The examples from the docs are located in their own modules inside the /docs/examples folder. This makes it easier to test them alongside the rest of the test suite, ensuring they do not become stale as Litestar evolves.

Please follow the next guidelines when adding a new example:

  • Add the example in the corresponding module directory in /docs/examples or create a new one if necessary

  • Create a suite for the module in /docs/examples/tests that tests the aspects of the example that it demonstrates

  • Reference the example in the rst file with an external reference code block, e.g.

An example of how to use literal includes of external files#
.. literalinclude:: /examples/
   :caption: All includes should have a descriptive caption

Automatically execute examples#

Our docs include a Sphinx extension that can automatically run requests against example apps and include their result in the documentation page when its being built. This only requires 2 steps:

  1. Create an example file with an app object in it, which is an instance of Litestar

  2. Add a comment in the form of # run: /hello to the example file

When building the docs (or serving them locally), a process serving the app instance will be launched, and the requests specified in the comments will be run against it.
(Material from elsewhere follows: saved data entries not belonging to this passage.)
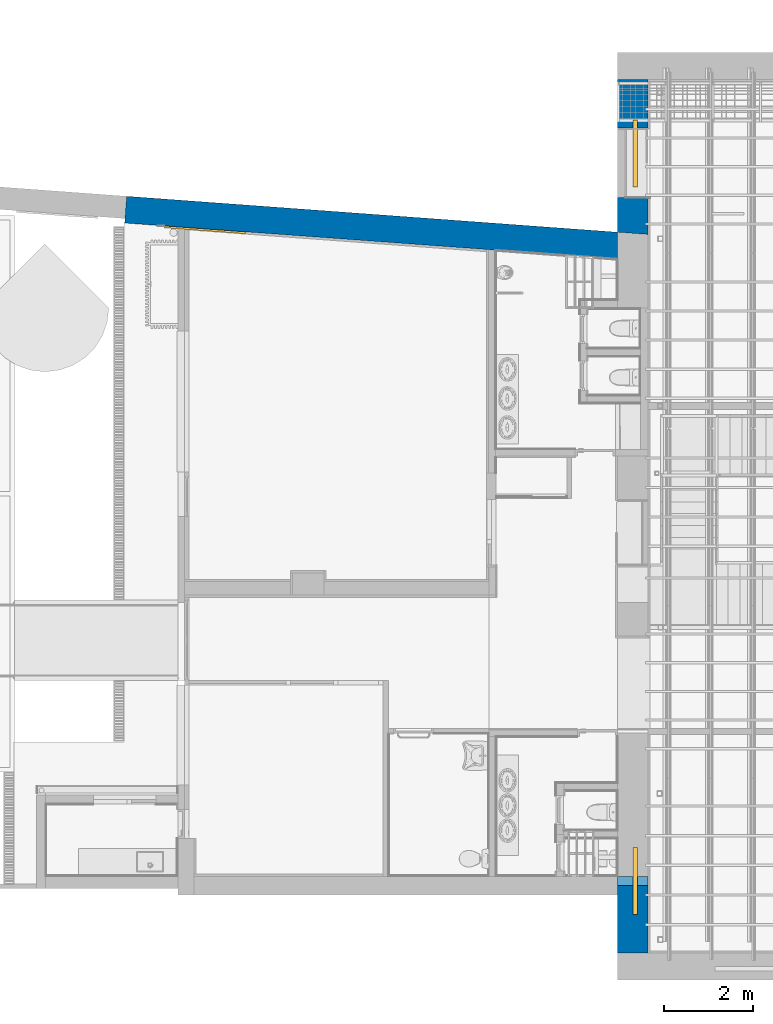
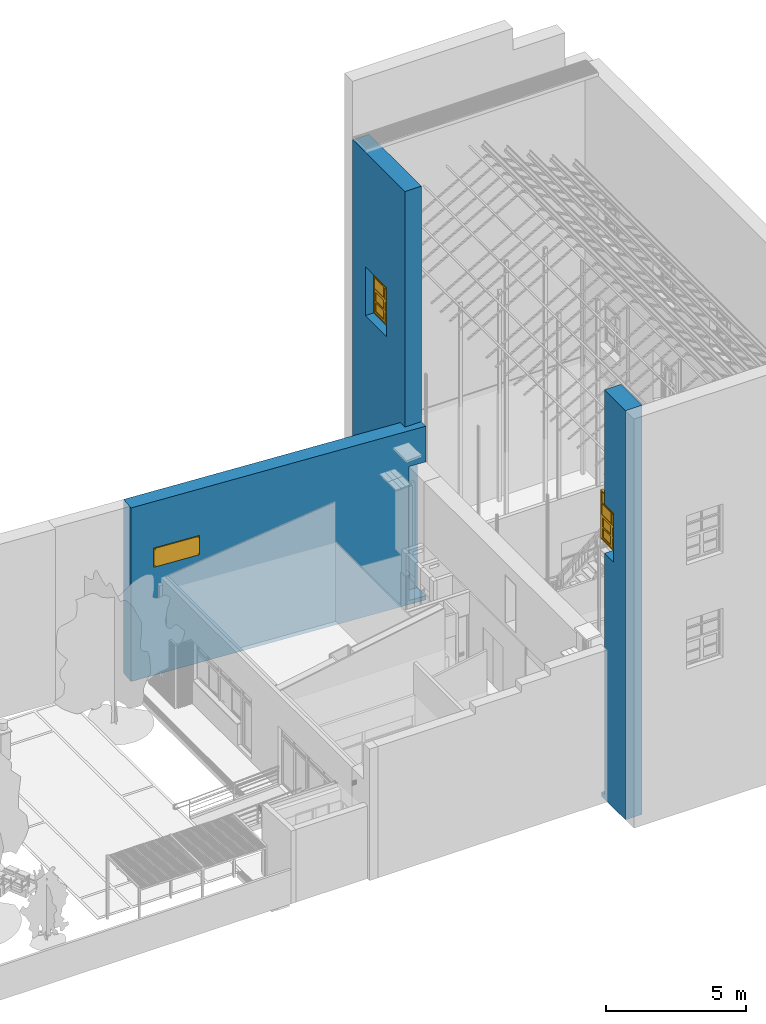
"""IFC2X3 building model written with IfcOpenShell, lengths in metres."""

from ifc_helpers import new_model, entity, si_unit, converted_unit, derived_unit, direction, frame, frame_2d, origin, origin_2d_with_axis, place, context, subcontext, project, spatial, polyline, rectangle, outline, extrude, faceted_brep, source, transform, mapped, material, material_list, layer, layer_set, type_object, type_shapes, element, fill, save


model = new_model("IFC2X3")

# Units and contexts
model_context = context("Model", 3, precision=1e-05, world=origin(), true_north=direction((6.12303176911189e-17, 1.0)))
body_context = subcontext(model_context, "Body", "Model", "MODEL_VIEW")
ifc_project = project(units=[si_unit("LENGTHUNIT", "METRE"), si_unit("AREAUNIT", "SQUARE_METRE"), si_unit("VOLUMEUNIT", "CUBIC_METRE"), converted_unit("PLANEANGLEUNIT", "DEGREE", entity("IfcRatioMeasure", 0.0174532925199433), si_unit("PLANEANGLEUNIT", "RADIAN"), dimensions=[0, 0, 0, 0, 0, 0, 0]), si_unit("MASSUNIT", "GRAM", prefix="KILO"), derived_unit("MASSDENSITYUNIT", [(si_unit("MASSUNIT", "GRAM", prefix="KILO"), 1), (si_unit("LENGTHUNIT", "METRE"), -3)]), derived_unit("MOMENTOFINERTIAUNIT", [(si_unit("LENGTHUNIT", "METRE"), 4)]), si_unit("TIMEUNIT", "SECOND"), si_unit("FREQUENCYUNIT", "HERTZ"), si_unit("THERMODYNAMICTEMPERATUREUNIT", "DEGREE_CELSIUS"), derived_unit("THERMALTRANSMITTANCEUNIT", [(si_unit("MASSUNIT", "GRAM", prefix="KILO"), 1), (si_unit("THERMODYNAMICTEMPERATUREUNIT", "KELVIN"), -1), (si_unit("TIMEUNIT", "SECOND"), -3)]), derived_unit("VOLUMETRICFLOWRATEUNIT", [(si_unit("LENGTHUNIT", "METRE"), 3), (si_unit("TIMEUNIT", "SECOND"), -1)]), si_unit("ELECTRICCURRENTUNIT", "AMPERE"), si_unit("ELECTRICVOLTAGEUNIT", "VOLT"), si_unit("POWERUNIT", "WATT"), si_unit("FORCEUNIT", "NEWTON", prefix="KILO"), si_unit("ILLUMINANCEUNIT", "LUX"), si_unit("LUMINOUSFLUXUNIT", "LUMEN"), si_unit("LUMINOUSINTENSITYUNIT", "CANDELA"), derived_unit("USERDEFINED", [(si_unit("MASSUNIT", "GRAM", prefix="KILO"), -1), (si_unit("LENGTHUNIT", "METRE"), -2), (si_unit("TIMEUNIT", "SECOND"), 3), (si_unit("LUMINOUSFLUXUNIT", "LUMEN"), 1)]), derived_unit("LINEARVELOCITYUNIT", [(si_unit("LENGTHUNIT", "METRE"), 1), (si_unit("TIMEUNIT", "SECOND"), -1)]), si_unit("PRESSUREUNIT", "PASCAL"), derived_unit("USERDEFINED", [(si_unit("LENGTHUNIT", "METRE"), -2), (si_unit("MASSUNIT", "GRAM", prefix="KILO"), 1), (si_unit("TIMEUNIT", "SECOND"), -2)]), derived_unit("LINEARFORCEUNIT", [(si_unit("MASSUNIT", "GRAM", prefix="KILO"), 1), (si_unit("LENGTHUNIT", "METRE"), 1), (si_unit("TIMEUNIT", "SECOND"), -2), (si_unit("LENGTHUNIT", "METRE"), -1)]), derived_unit("PLANARFORCEUNIT", [(si_unit("MASSUNIT", "GRAM", prefix="KILO"), 1), (si_unit("LENGTHUNIT", "METRE"), 1), (si_unit("TIMEUNIT", "SECOND"), -2), (si_unit("LENGTHUNIT", "METRE"), -2)])], contexts=[model_context])

# Site, building, storey
site_placement = place(None, origin())
site = spatial("IfcSite", under=ifc_project, at=site_placement, Name="Superficie", CompositionType="ELEMENT")
building_placement = place(site_placement, origin())
building = spatial("IfcBuilding", under=site, at=building_placement, Name="Telegestiones", CompositionType="ELEMENT")
storey_1_placement = place(building_placement, origin())
storey_1 = spatial("IfcBuildingStorey", under=building, at=storey_1_placement, Name="Nivel 0_NPT", CompositionType="ELEMENT", Elevation=0.0)

# Wall, opening, window
ifc_material_1 = material(Name="Muro por defecto")
ifc_layer_1 = layer(ifc_material_1, 0.6)
ifc_layer_set_1 = layer_set([ifc_layer_1], Name="Muro básico:ARQ-MU-EX-60-Gen")
wall_type_1 = type_object("IfcWallType", Name="Muro básico:ARQ-MU-EX-60-Gen", PredefinedType="STANDARD", material=ifc_layer_set_1)
wall_1_placement = place(storey_1_placement, frame((-5.65247574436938, 10.8297679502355, -0.2), z_axis=(0.0, 0.0, 1.0), x_axis=(0.997331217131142, -0.0730098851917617, 0.0)))
wall_1 = element("IfcWall", 1, at=wall_1_placement, inside=storey_1, type_object=wall_type_1, Name="Muro básico:ARQ-MU-EX-60-Gen", ObjectType="Muro básico:ARQ-MU-EX-60-Gen", context=body_context, shape_type="Brep", body=[
    faceted_brep([(11.74, -0.299999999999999, 7.6), (11.0581803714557, -0.300000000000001, 7.6), (0.0, -0.299999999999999, 7.6), (0.0, -0.299999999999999, 0.0), (1.19237352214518, -0.300000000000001, 0.0), (1.34277491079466, -0.300000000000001, 0.0), (11.74, -0.299999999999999, 0.0), (11.74, -0.299999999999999, 0.18), (11.0581803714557, -0.300000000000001, 0.18), (11.0581803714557, -0.300000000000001, 6.04), (11.74, -0.299999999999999, 6.04), (2.71194562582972, -0.299999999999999, 4.76), (0.891945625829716, -0.300000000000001, 4.76), (0.891945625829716, -0.300000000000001, 5.57), (2.71194562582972, -0.299999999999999, 5.57), (2.71194562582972, 0.300000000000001, 4.76), (2.71194562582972, 0.300000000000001, 5.57), (0.891945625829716, 0.300000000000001, 5.57), (0.891945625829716, 0.300000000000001, 4.76), (11.6960768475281, 0.300000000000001, 7.6), (11.6960768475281, 0.300000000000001, 6.04), (11.0142572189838, 0.299999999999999, 6.04), (11.0142572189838, 0.299999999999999, 0.18), (11.6960768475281, 0.300000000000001, 0.18), (11.6960768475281, 0.300000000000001, 0.0), (11.0142572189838, 0.300000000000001, 0.0), (0.0, 0.300000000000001, 0.0), (0.0, 0.300000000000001, 7.6), (11.0142572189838, 0.299999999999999, 7.6), (11.7162212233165, 0.0248233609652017, 7.6), (0.0, -0.200021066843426, 7.6), (0.0, -0.200021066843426, 0.0)], [[[0, 1, 2, 3, 4, 5, 6, 7, 8, 9, 10], [11, 12, 13, 14]], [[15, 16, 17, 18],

The comments will be stripped from the result, and the output of the curl invocation inserted after the example code-block.

The # run: syntax is nothing special; everything after the colon will be passed to the curl command that’s being invoked. The URL is built automatically, so the specified path can just be a path relative to the app.

In practice, this looks like the following:

An example of how to use the automatic example runner#
from typing import Dict

from litestar import Litestar, get

def hello_world() -> Dict[str, str]:
    """Handler function that returns a greeting dictionary."""
    return {"hello": "world"}

app = Litestar(route_handlers=[hello_world])

# run: /

This is equivalent to:

An example of how to use the automatic example runner#
   from typing import Dict

   from litestar import Litestar, get

   def hello_world() -> Dict[str, str]:
       """Handler function that returns a greeting dictionary."""
       return {"hello": "world"}

   app = Litestar(route_handlers=[hello_world])

Run it

> curl
{"hello": "world"}

Creating a New Release#

  1. Checkout the main branch:

    Checking out the main branch of the litestar repository#
    git checkout main
  2. Run the release preparation script:

    Preparing a new release#
    python tools/ <new version number> --update-version --create-draft-release

    Replace <new version number> with the desired version number following the versioning scheme.

    This script will:

    • Update the version in pyproject.toml

    • Generate a changelog entry in 2.x Changelog

    • Create a draft release on GitHub

  3. Review the generated changelog entry in 2.x Changelog to ensure it looks correct.

  4. Commit the changes to main:

    Committing the changes to the main branch#
    git commit -am "chore(release): prepare release vX.Y.Z"

    Replace vX.Y.Z with the actual version number.

  5. Create a new branch for the release:

    Creating a new branch for the release#
    git checkout -b vX.Y.Z
  6. Push the changes to a vX.Y.Z branch:

    Pushing the changes to the vX.Y.Z branch#
    git push origin vX.Y.Z
  7. Open a pull request from the vX.Y.Z branch to main.

  8. Once the pull request is approved, go to the draft release on GitHub (the release preparation script will provide a link).

  9. Review the release notes in the draft release to ensure they look correct.

  10. If everything looks good, click “Publish release” to make the release official.

  11. Go to the Release Action and approve the release workflow if necessary.

  12. Check that the release workflow runs successfully.


The version number should follow semantic versioning and PEP 440.